# [EXERCISE DETAILS]
Verbatim output required. Print the data in full.

########################################

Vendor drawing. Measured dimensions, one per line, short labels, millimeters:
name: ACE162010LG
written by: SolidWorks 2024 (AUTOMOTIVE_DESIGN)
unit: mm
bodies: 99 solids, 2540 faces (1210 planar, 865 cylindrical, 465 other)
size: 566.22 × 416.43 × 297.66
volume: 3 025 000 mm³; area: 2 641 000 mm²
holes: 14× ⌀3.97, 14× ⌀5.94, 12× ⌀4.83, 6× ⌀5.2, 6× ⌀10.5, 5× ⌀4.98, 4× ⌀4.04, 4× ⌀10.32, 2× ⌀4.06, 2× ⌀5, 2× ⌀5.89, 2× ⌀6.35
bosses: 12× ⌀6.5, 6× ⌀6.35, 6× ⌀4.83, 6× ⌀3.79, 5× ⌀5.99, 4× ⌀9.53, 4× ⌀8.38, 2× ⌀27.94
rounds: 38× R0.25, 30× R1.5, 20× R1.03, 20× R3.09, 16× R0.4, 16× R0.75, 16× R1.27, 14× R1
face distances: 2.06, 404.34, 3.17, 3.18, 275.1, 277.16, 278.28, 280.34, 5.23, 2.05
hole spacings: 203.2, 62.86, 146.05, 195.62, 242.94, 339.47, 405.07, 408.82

########################################

# [TASK OUTPUT]
Vendor drawing. Measured dimensions, one per line, short labels, millimeters:
name: ACE162010LG
written by: SolidWorks 2024 (AUTOMOTIVE_DESIGN)
unit: mm
bodies: 99 solids, 2540 faces (1210 planar, 865 cylindrical, 465 other)
size: 566.22 × 416.43 × 297.66
volume: 3 025 000 mm³; area: 2 641 000 mm²
holes: 14× ⌀3.97, 14× ⌀5.94, 12× ⌀4.83, 6× ⌀5.2, 6× ⌀10.5, 5× ⌀4.98, 4× ⌀4.04, 4× ⌀10.32, 2× ⌀4.06, 2× ⌀5, 2× ⌀5.89, 2× ⌀6.35
bosses: 12× ⌀6.5, 6× ⌀6.35, 6× ⌀4.83, 6× ⌀3.79, 5× ⌀5.99, 4× ⌀9.53, 4× ⌀8.38, 2× ⌀27.94
rounds: 38× R0.25, 30× R1.5, 20× R1.03, 20× R3.09, 16× R0.4, 16× R0.75, 16× R1.27, 14× R1
face distances: 2.06, 404.34, 3.17, 3.18, 275.1, 277.16, 278.28, 280.34, 5.23, 2.05
hole spacings: 203.2, 62.86, 146.05, 195.62, 242.94, 339.47, 405.07, 408.82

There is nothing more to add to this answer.